Work required: Although the entries contain pictures, only their text goes into the copy, set down exactly.
*** Opening Records provided ***
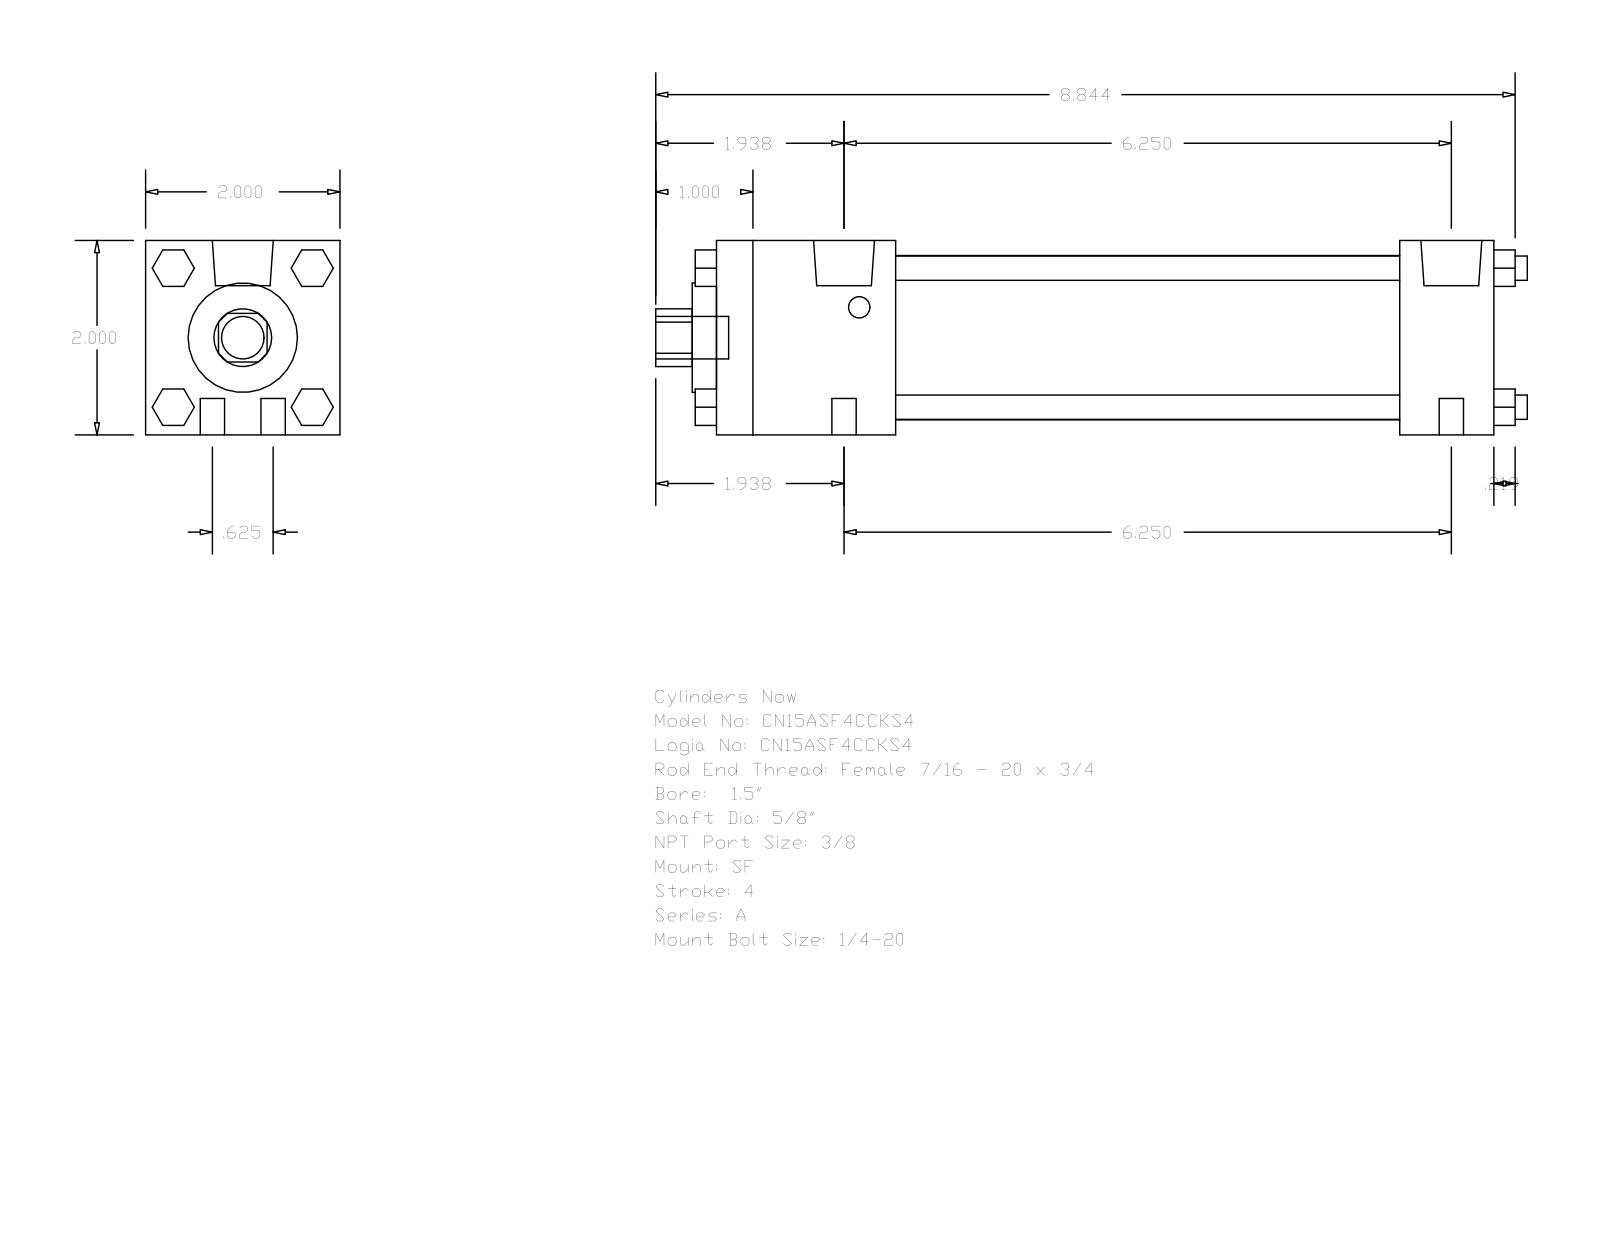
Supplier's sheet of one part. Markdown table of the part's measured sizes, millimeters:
| quantity | value |
| --- | --- |
| part name | A_SF__0150_0.625 |
| STEP written by | GSSL Pune (CONFIG_CONTROL_DESIGN) |
| units | millimeters |
| bodies | 0 solids, 124 faces (94 planar, 30 cylindrical, 0 other) |
| overall size | 227.81 × 50.8 × 50.8 |
| round holes (diameter × count) | 15.88 × 1, 28.57 × 1, 42.93 × 1 |
| round bosses / shafts (diameter × count) | 6.35 × 8, 15.93 × 2, 5.56 × 2, 11.11 × 1 |
| partial cylindrical surfaces (radius × count) | 7.54 × 1 |
| main face-to-face distances | 50.8, 203.19, 46.83, 178.59, 131.76, 156.36, 24.6, 9.52, 6.35, 53.18 |
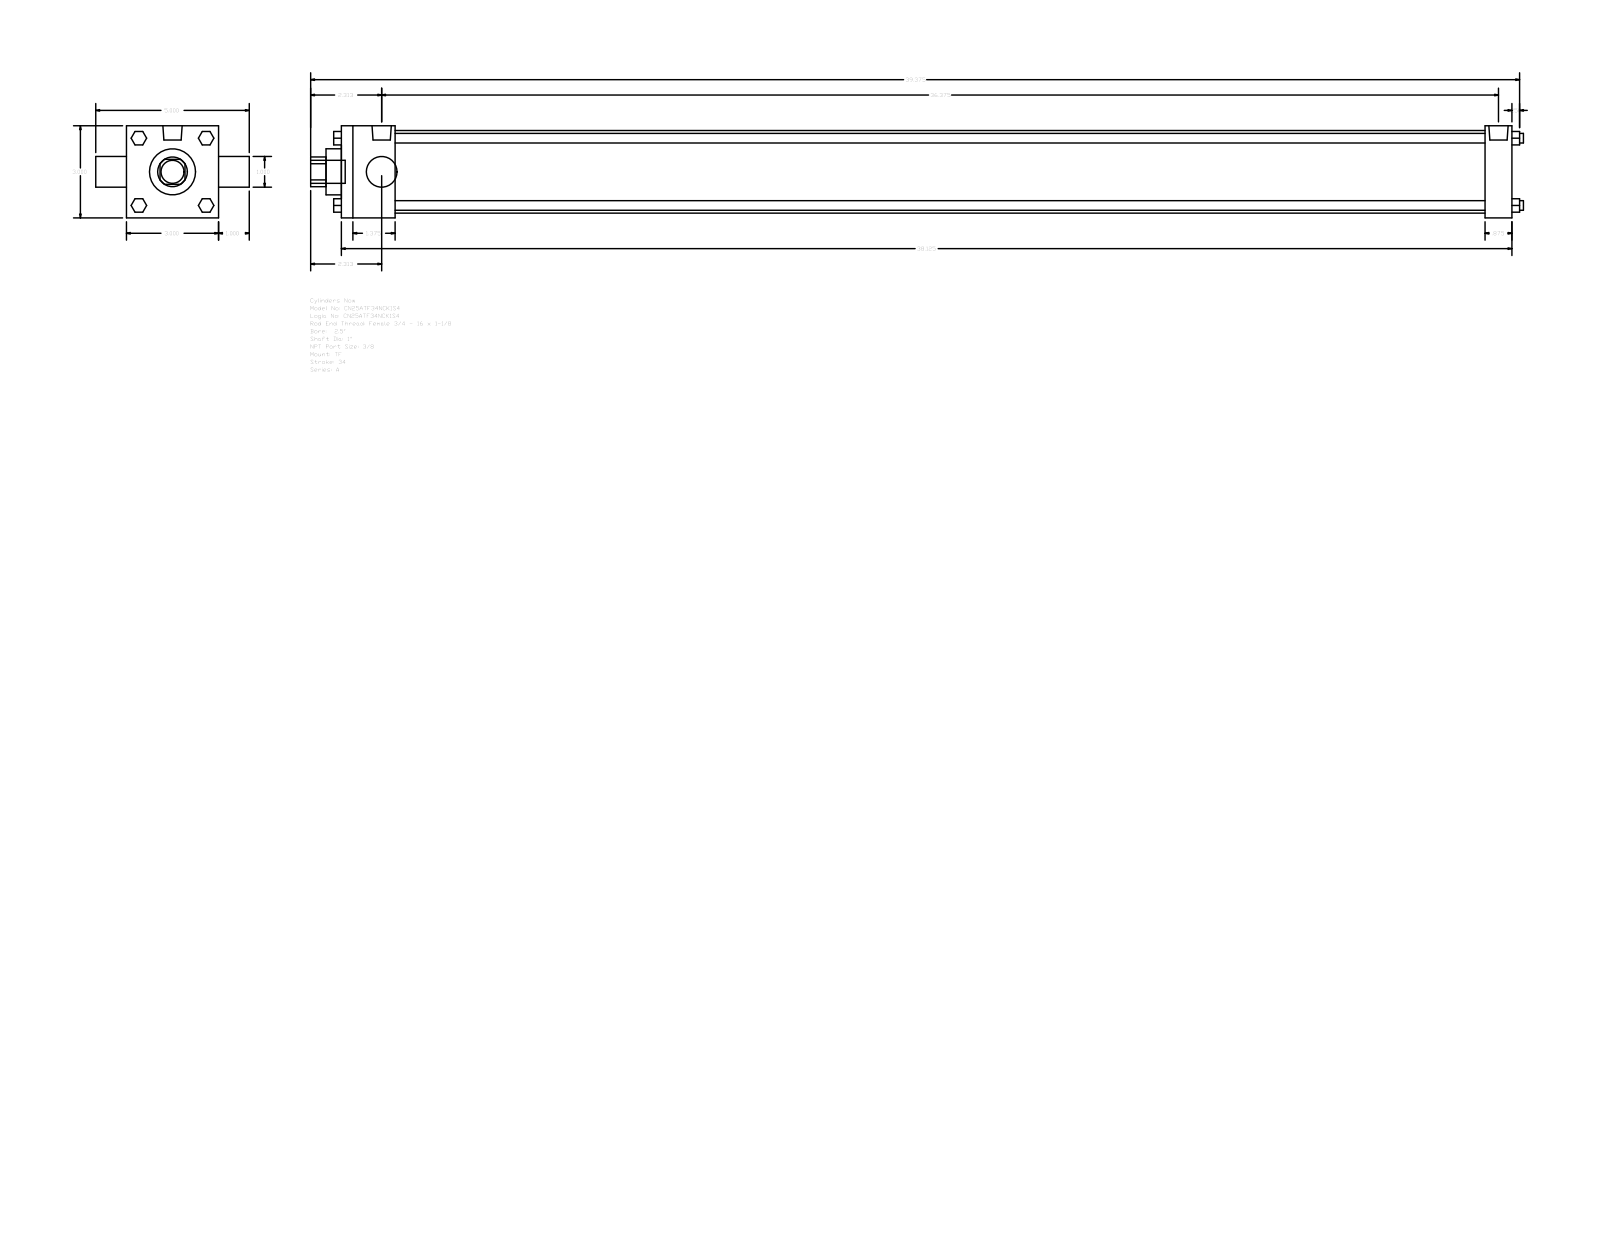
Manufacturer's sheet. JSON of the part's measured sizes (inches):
{"part_name": "A_TF__0250_1", "step_written_by": "GSSL Pune (CONFIG_CONTROL_DESIGN)", "units": "inches", "bodies": {"solids": 0, "faces": 120, "planar": 92, "cylindrical": 28, "other": 0}, "overall_size": [39.5, 5, 3], "round_holes": [[1, 2], [1.5, 1], [2.69, 1]], "round_bosses_or_shafts": [[0.313, 4], [0.219, 3], [0.627, 2], [0.75, 1]], "partial_cylinders_radius": [[0.484, 1]], "face_to_face_distances": [3, 38.125, 1.75, 37.25, 35.5, 36.375, 0.875, 1, 4, 38.625]}
*** Closing Records provided ***
Your response:
Supplier's sheet of one part. Markdown table of the part's measured sizes, millimeters:
| quantity | value |
| --- | --- |
| part name | A_SF__0150_0.625 |
| STEP written by | GSSL Pune (CONFIG_CONTROL_DESIGN) |
| units | millimeters |
| bodies | 0 solids, 124 faces (94 planar, 30 cylindrical, 0 other) |
| overall size | 227.81 × 50.8 × 50.8 |
| round holes (diameter × count) | 15.88 × 1, 28.57 × 1, 42.93 × 1 |
| round bosses / shafts (diameter × count) | 6.35 × 8, 15.93 × 2, 5.56 × 2, 11.11 × 1 |
| partial cylindrical surfaces (radius × count) | 7.54 × 1 |
| main face-to-face distances | 50.8, 203.19, 46.83, 178.59, 131.76, 156.36, 24.6, 9.52, 6.35, 53.18 |
Manufacturer's sheet. JSON of the part's measured sizes (inches):
{"part_name": "A_TF__0250_1", "step_written_by": "GSSL Pune (CONFIG_CONTROL_DESIGN)", "units": "inches", "bodies": {"solids": 0, "faces": 120, "planar": 92, "cylindrical": 28, "other": 0}, "overall_size": [39.5, 5, 3], "round_holes": [[1, 2], [1.5, 1], [2.69, 1]], "round_bosses_or_shafts": [[0.313, 4], [0.219, 3], [0.627, 2], [0.75, 1]], "partial_cylinders_radius": [[0.484, 1]], "face_to_face_distances": [3, 38.125, 1.75, 37.25, 35.5, 36.375, 0.875, 1, 4, 38.625]}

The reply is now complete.